Thursday, September 26, 2013

I fear little in the end except myself

"There is one thing a hero and a coward have in common. That is fear." - Unknown

There are many times I can say others have scared me, or that I have been in situations where external conditions were frightening. As a runaway teen, those experiences were not infrequent. But in the end, the most terrifying thing I have ever faced is myself.

Cliche, no? But true. The life-long lesson of learning how not to self-sabatoge, how not to hurt myself, and how to make the effort, every day, simply to get up and get moving has been more difficult than I can articulate. There are wonderous things I have learned through this. Survival is not something that concerns me - I know I will always find a way to make it. I will not be on the street. I will not be without food. I will not be alone and without resources. I have utter confidence in that, it is not even a question.

But it is not belief in God or love or strength that I know these things from, it is simply lived experience. It is in those moments I am not afraid because I know who I am. And I am, at my core, someone who has never died, who has faltered and stumbled and come crashing down, breaking all limbs in my spirit, but have continued to limp forward. Life hurts, but the only alternative is suicide. That is not an option.

And so what else is there to do but keep living?

To my occasional surprise, those are the moments when other people are also not afraid, but they sometimes lend that strength to God, to their family, to some other outside source.

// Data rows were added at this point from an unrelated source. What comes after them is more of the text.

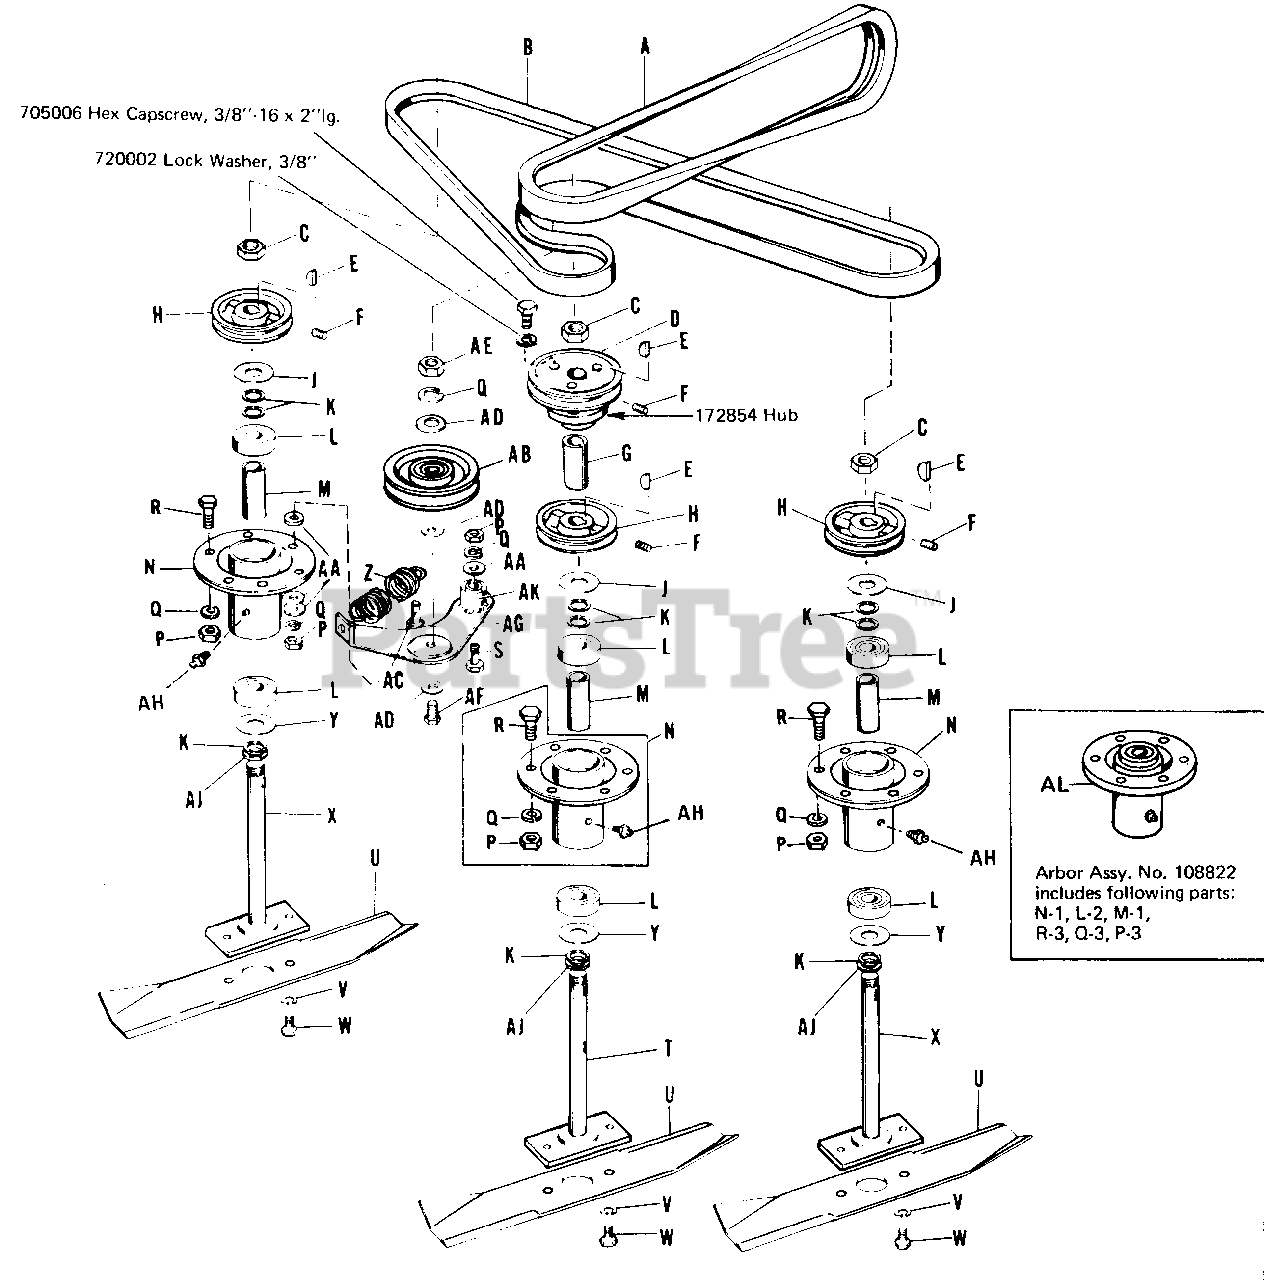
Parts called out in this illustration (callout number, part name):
B	Belt, "V" (Mower Spindle Drive)
C	Hex, Jam Lock Nut, 3/4"-16
D	Cross drive Pulley
E	Key, Woodruff, 61
F	Set Screw, 5/16"-18 x 3/8"
J	Backing Ring
N	Arbor Tube Assembly
P	Full Hex, Nut, 3/8"-16
Q	Lock Washer, 3/8"
R	Hex Cap Screw, 3/8"-16 x 3/4" lg.
S	Hex, Cap Screw 3/8"-16 x 1-3/4" lg.
T	Arbor Drive Assembly
U	Knife Blade
V	Lock Washer, 3/8"
W	Hex. Hd. Capscrew, 3/8"-16 x 5/8"
X	Arbor Assembly
AA	Plain Washer, 5/16"
AB	Idler Pulley
AD	Plain Washer, 5/16"
AE	Full Lock Hex. Nut, 3/8"-16
AG	Idler Lever Assembly
AH	Grease Fitting
AL	Arbor Assembly with Bearings and Hardware
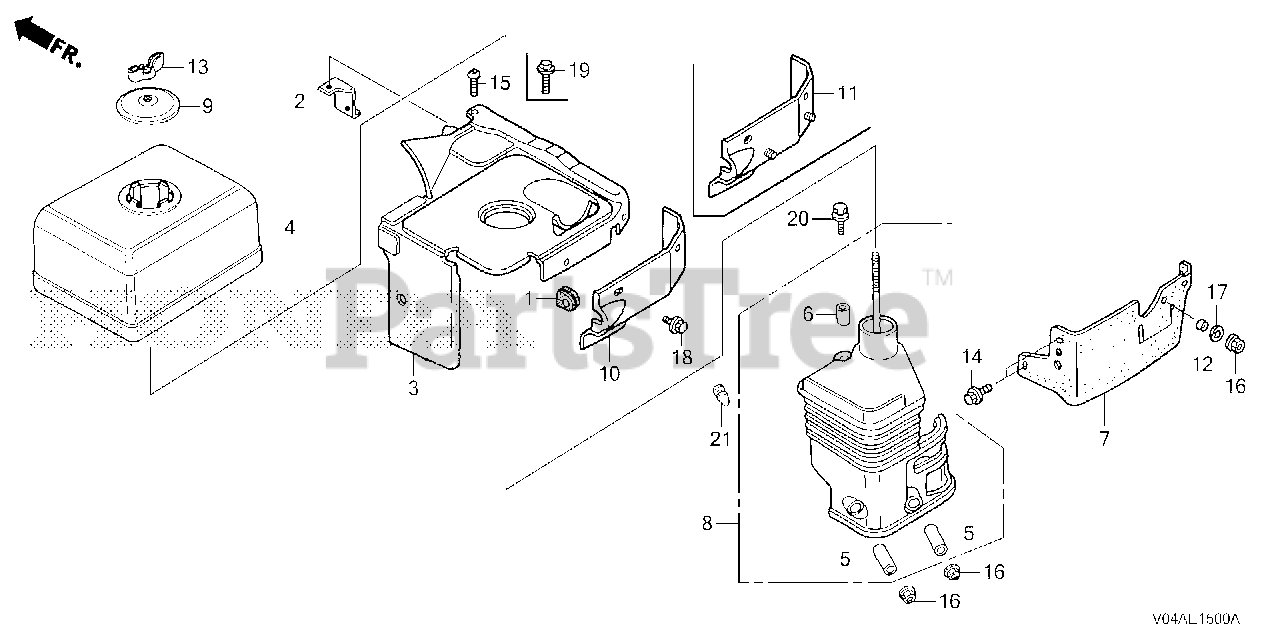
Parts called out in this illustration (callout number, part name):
1	GROMMET, OIL PIPE HOLDER
2	STAY, ENGINE CONTROL COVER
3	COVER, CONTROL
4	COVER, AIR CLEANER (SEMI-DRY)
5	COLLAR, AIR CLEANER Use from Engine SN 1786085.
6	COLLAR B, AIR CLEANER
8	ELBOW, AIR CLEANER
9	CAP, AIR CLEANER
10	COVER, AIR IN.
13	WINGNUT, TOOL BOX SETTING
15	SCREW, PAN (6X8) (SOURCE: VINTAGE PARTS INC.)
16	NUT, FLANGE (6MM)
18	BOLT, FLANGE (6X8)
20	BOLT, FLANGE (6X20)
21	PLUG, CONE TYPE
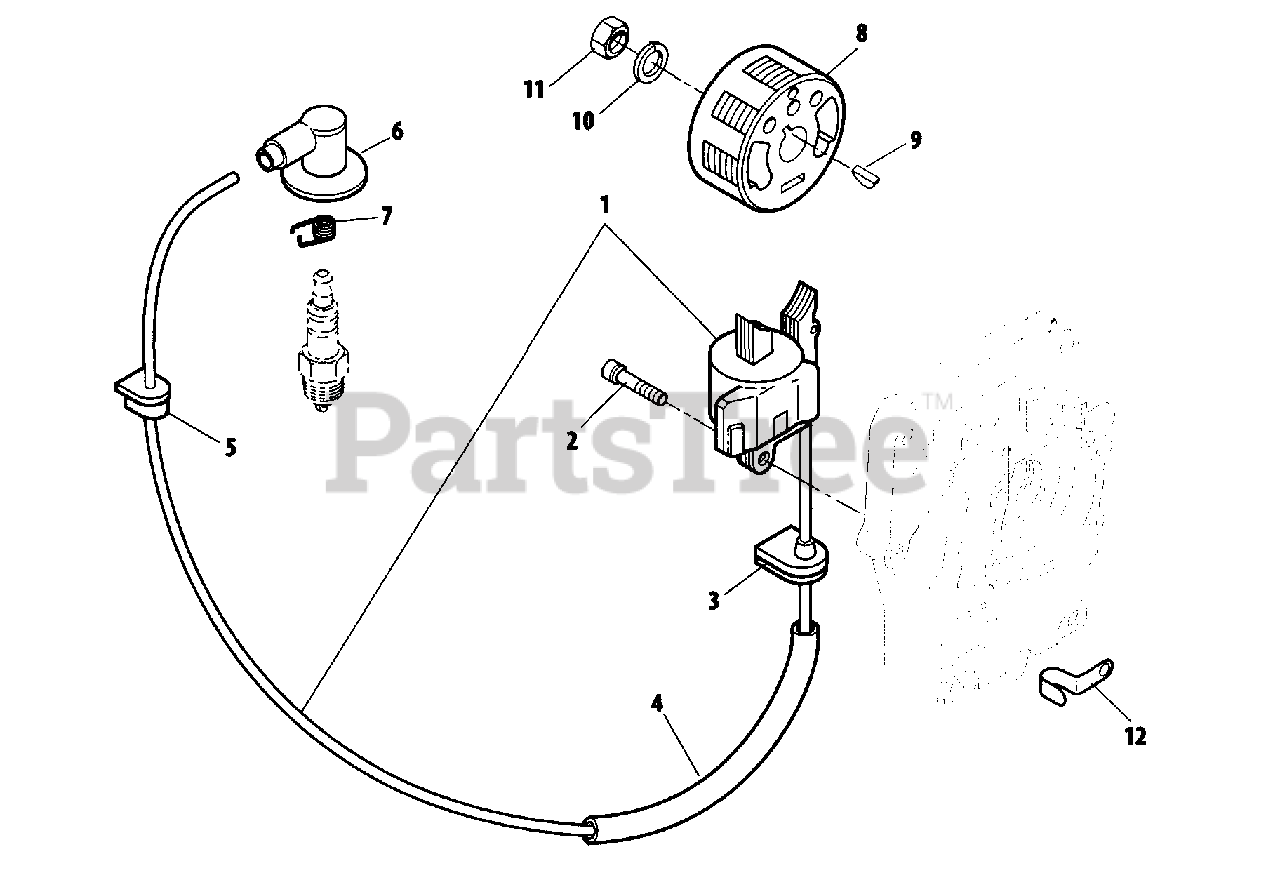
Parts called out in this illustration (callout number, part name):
1	COIL
2	BOLT 5
3	GROMMET
4	TUBE, INSULATOR
5	GROMMET
6	CAP, SPARK PLUG
7	TERMINAL, SPARK PLUG
8	FLYWHEEL
9	KEY, WOODRUFF 3×10
10	WASHER, SPRING 10
11	NUT 10×1.25
12	CLIP

I want to shake these people and tell them that their ability to keep going is thiers. It is proven by their efforts.

Don't give the credit away. Don't minimize your efforts. You are strong. You will survive. You know this. Keep knowing it.

And yet there are the moments where I fear survival is all I am capable of. Yes, there is strength in coming back from the brink of utter destitution multiple times, but am I able to find a life several miles away from the edge of the cliff, not simply skirting its edges? Yes, the knowledge of where every food bank in any given city I've lived in is useful, but am I able to make enough money to reliably feed myself? I write beautifully, but am I disciplined enough to make it count for something other than scrawls on a dying website?

I do not always know. Maybe survival itself gets in the way. Maslow's Heirachy and all that. I can look at myself and feel compassion for the struggles. But often I look at myself and wonder if I am simply not capable.

I always say nothing happens in a vacuum. All things are brought round to you through others. This is true. But if others are a part of the equation, then so is the self.

If knowing is half the battle.....then what does one do with the other half?????

That is the question that frightens me the most. It is a question in which the answer lies soley in myself. There is no study guide. There are no Spark Notes. Only I can answer it.

And sometimes I fear I will never have the answer at all.